All "reality" shows are scripted.
I think this is what makes traitors such a popular series - absolutely everyone things they can tell when someone is lying, but the truth is it's really difficult. Especially if someone is a stranger, it's next to impossible to separate what might be possible tells from what might just be their personality.
These don't work for very good liars. They know all these tricks, often intuitively, and purposefully avoid them. The only strategy that works is listening to your gut and extending trust slowly. Keeping up a ruse is tiring and the more time you give them, the more chance they have to make a mistake. Combine that with listening to the brain in your gut that has evolved for millions of years to sense danger. In the early stages, the mistakes are often subtle and you will usually only get a feeling that something is "off".
On the contrary, relying on your gut is unreliable because they know how to play your gut, if they're experienced liars. They have the same tools as you when it comes to "sensing danger".

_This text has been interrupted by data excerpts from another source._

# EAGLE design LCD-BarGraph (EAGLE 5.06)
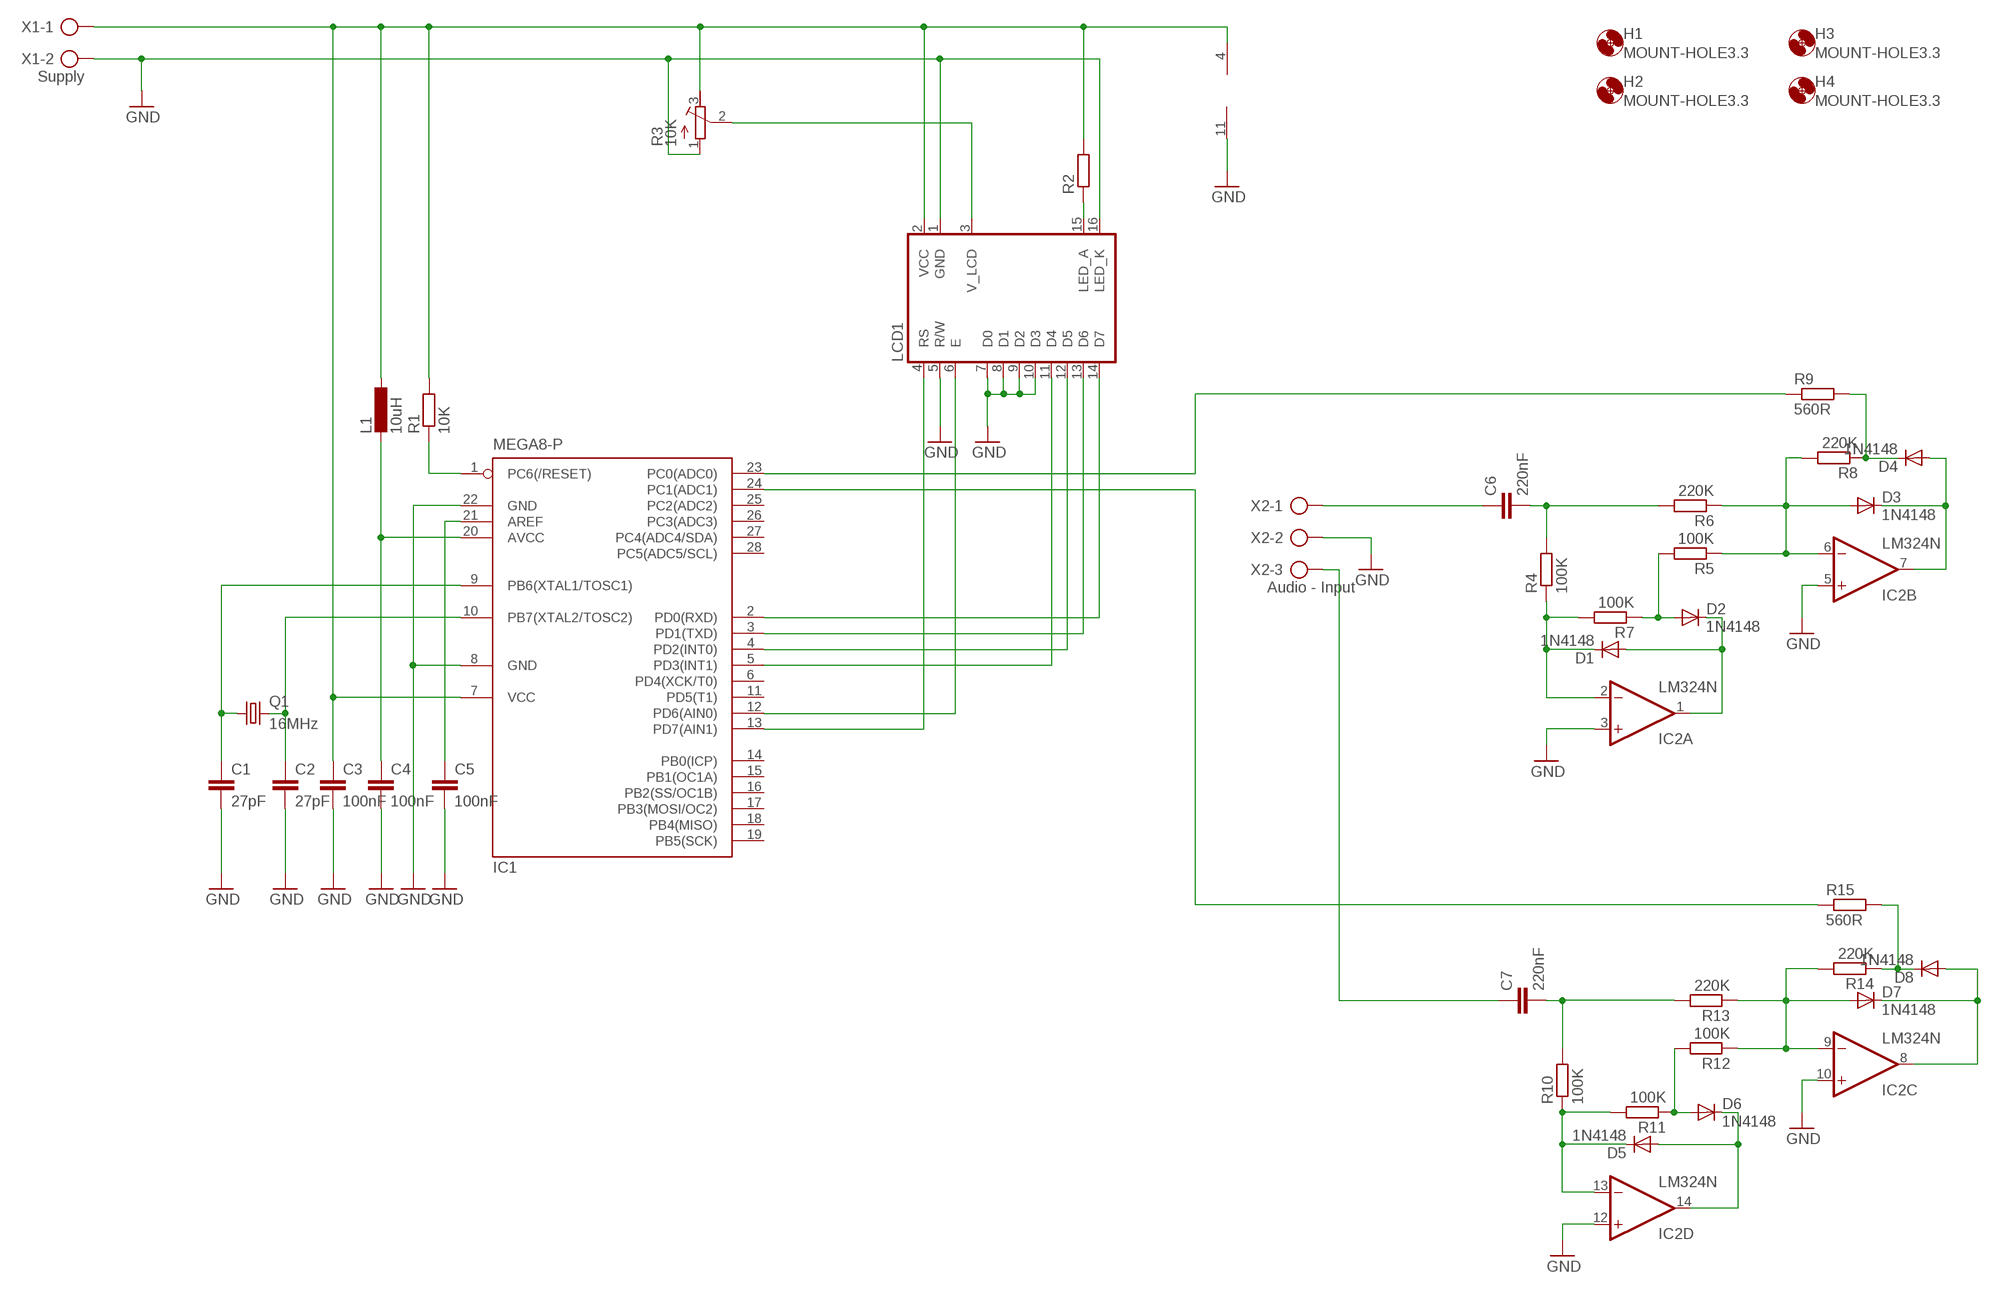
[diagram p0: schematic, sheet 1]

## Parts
C1  27pF  C-EU025-030X050  [C025-030X050]
C2  27pF  C-EU025-030X050  [C025-030X050]
C3  100nF  C-EU025-030X050  [C025-030X050]
C4  100nF  C-EU025-030X050  [C025-030X050]
C5  100nF  C-EU025-030X050  [C025-030X050]
C6  220nF  C-EU025-030X050  [C025-030X050]
C7  220nF  C-EU025-030X050  [C025-030X050]
D1  1N4148  1N4148DO35-7  [DO35-7]
D2  1N4148  1N4148DO35-7  [DO35-7]
D3  1N4148  1N4148DO35-7  [DO35-7]
D4  1N4148  1N4148DO35-7  [DO35-7]
D5  1N4148  1N4148DO35-7  [DO35-7]
D6  1N4148  1N4148DO35-7  [DO35-7]
D7  1N4148  1N4148DO35-7  [DO35-7]
D8  1N4148  1N4148DO35-7  [DO35-7]
H1  MOUNT-HOLE3.3  [3,3]
H2  MOUNT-HOLE3.3  [3,3]
H3  MOUNT-HOLE3.3  [3,3]
H4  MOUNT-HOLE3.3  [3,3]
IC1  MEGA8-P  [DIL28-3]
IC2  LM324N  [DIL14]
L1  10uH  L-MESC  [L-MESC]
LCD1  LCD-4X20  [LCD-4X20]
Q1  16MHz  CRYSTALHC49U-V  [HC49U-V]
R1  10K  R-EU_0207/10  [0207/10]
R2  R-EU_0207/10  [0207/10]
R3  10K  R-TRIMM64X  [RTRIM64X]
R4  100K  R-EU_0207/10  [0207/10]
R5  100K  R-EU_0207/10  [0207/10]
R6  220K  R-EU_0207/10  [0207/10]
R7  100K  R-EU_0207/10  [0207/10]
R8  220K  R-EU_0207/10  [0207/10]
R9  560R  R-EU_0207/10  [0207/10]
R10  100K  R-EU_0207/10  [0207/10]
R11  100K  R-EU_0207/10  [0207/10]
R12  100K  R-EU_0207/10  [0207/10]
R13  220K  R-EU_0207/10  [0207/10]
R14  220K  R-EU_0207/10  [0207/10]
R15  560R  R-EU_0207/10  [0207/10]
X1  Supply  AK300/2  [AK300/2]
X2  Audio - Input  AK300/3  [AK300/3]

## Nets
GND: C1.2 C2.2 C3.2 C4.2 C5.2 IC1.8(GND) IC1.22(GND) IC2.3(A:+IN) IC2.5(B:+IN) IC2.10(C:+IN) IC2.11(P:V-) IC2.12(D:+IN) LCD1.1(GND) LCD1.5(R/W) LCD1.7(D0) LCD1.8(D1) LCD1.9(D2) LCD1.10(D3) LCD1.16(LED_K) R3.1(E) X1.2 X2.2
N$1: C2.1 IC1.10(PB7(XTAL2/TOSC2)) Q1.2
N$2: C1.1 IC1.9(PB6(XTAL1/TOSC1)) Q1.1
N$3: C3.1 IC1.7(VCC) IC2.4(P:V+) L1.1 LCD1.2(VCC) R1.2 R2.2 R3.3(A) X1.1
N$4: C4.1 IC1.20(AVCC) L1.2
N$5: IC1.1(PC6(/RESET)) R1.1
N$6: LCD1.15(LED_A) R2.1
N$7: C5.1 IC1.21(AREF)
N$8: LCD1.3(V_LCD) R3.2(S)
N$9: C6.1 X2.1
N$10: C6.2 R4.2 R6.2
N$11: D1.C IC2.2(A:-IN) R4.1 R7.2
N$12: D1.A D2.C IC2.1(A:OUT)
N$13: D2.A R5.2 R7.1
N$14: D3.A IC2.6(B:-IN) R5.1 R6.1 R8.2
N$15: D3.C D4.A IC2.7(B:OUT)
N$16: D4.C R8.1 R9.2
N$17: C7.1 X2.3
N$18: C7.2 R10.2 R13.2
N$19: D5.C IC2.13(D:-IN) R10.1 R11.2
N$20: D6.A R11.1 R12.2
N$21: D5.A D6.C IC2.14(D:OUT)
N$22: D7.A IC2.9(C:-IN) R12.1 R13.1 R14.2
N$23: D7.C D8.A IC2.8(C:OUT)
N$24: D8.C R14.1 R15.2
N$25: IC1.23(PC0(ADC0)) R9.1
N$26: IC1.5(PD3(INT1)) LCD1.11(D4)
N$27: IC1.24(PC1(ADC1)) R15.1
N$28: IC1.4(PD2(INT0)) LCD1.12(D5)
N$29: IC1.3(PD1(TXD)) LCD1.13(D6)
N$30: IC1.2(PD0(RXD)) LCD1.14(D7)
N$31: IC1.12(PD6(AIN0)) LCD1.6(E)
N$32: IC1.13(PD7(AIN1)) LCD1.4(RS)
Unconnected: IC1.6(PD4(XCK/T0)) IC1.11(PD5(T1)) IC1.14(PB0(ICP)) IC1.15(PB1(OC1A)) IC1.16(PB2(SS/OC1B)) IC1.17(PB3(MOSI/OC2)) IC1.18(PB4(MISO)) IC1.19(PB5(SCK)) IC1.25(PC2(ADC2)) IC1.26(PC3(ADC3)) IC1.27(PC4(ADC4/SDA)) IC1.28(PC5(ADC5/SCL))

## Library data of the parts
C1-C7 = rcl:C-EU: CAPACITOR, European symbol
D1-D8 = diode:1N4148: DIODE
H1-H4 = holes:MOUNT-HOLE: MOUNTING HOLE with drill center marker
IC1 = atmel:MEGA8-P: MICROCONTROLLER 8 Kbytes FLASH, 1 kbytes SRAM, 512 bytes EEPROM, USART, 4-channel 10 bit ADC, 2-channel 8 bit ADC Pin compatible with Atmega48, ATMega88, ATMega168 Source: avr.lbr
IC2 = linear:LM324: OP AMP
L1 = oli:L-MESC: Medium Suppression Coil
LCD1 = oli:LCD-4X20: LCD 4 x 20 Characters
Q1 = crystal:CRYSTAL: CRYSTAL
R1 R2 R4-R15 = resistor:R-EU_: RESISTOR, European symbol
R3 = rcl:R-TRIMM: Trimm resistor
X1 = con-ptr500:AK300/2: CONNECTOR
X2 = con-ptr500:AK300/3: CONNECTOR

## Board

But what this article focuses on, is that it's hard to be consistent when you're lying. That's my experience from social deduction type games too: don't focus on gut or "tells", focus on the "world they're building" in these games' in-speak, and how well it holds up compared to other worlds.
I don't know.
Culturally from a young age we're told to not trust our guts and a lot of people shut them off.
"Don't judge a book by the cover", "you don't even know him". We're told to ignore our gut feeling especially if that feeling is consistent with negative stereotypes.
Good liars are able to avoid these tells and I reckon no system is perfect but the last point, trusting your gut, is probably the best as it combines a lot of conscious and subconscious observations into a judgement. I'm often unable to articulate why I trust or distrust a person but feedback from my close friends is that they'll look to me for signs about a new person we meet. You do also need to be willing to constant reevaluate and change opinions as more evidence is gathered.
OK but most liars don’t fabricate an entire story.
In the startup world they might claim to have 1.5x the rev they have, or that an impressive logo is trialling their product when really they’re in early talks, etc…
Then it’s much easier to tell the “truth” with one twist and these methods fail.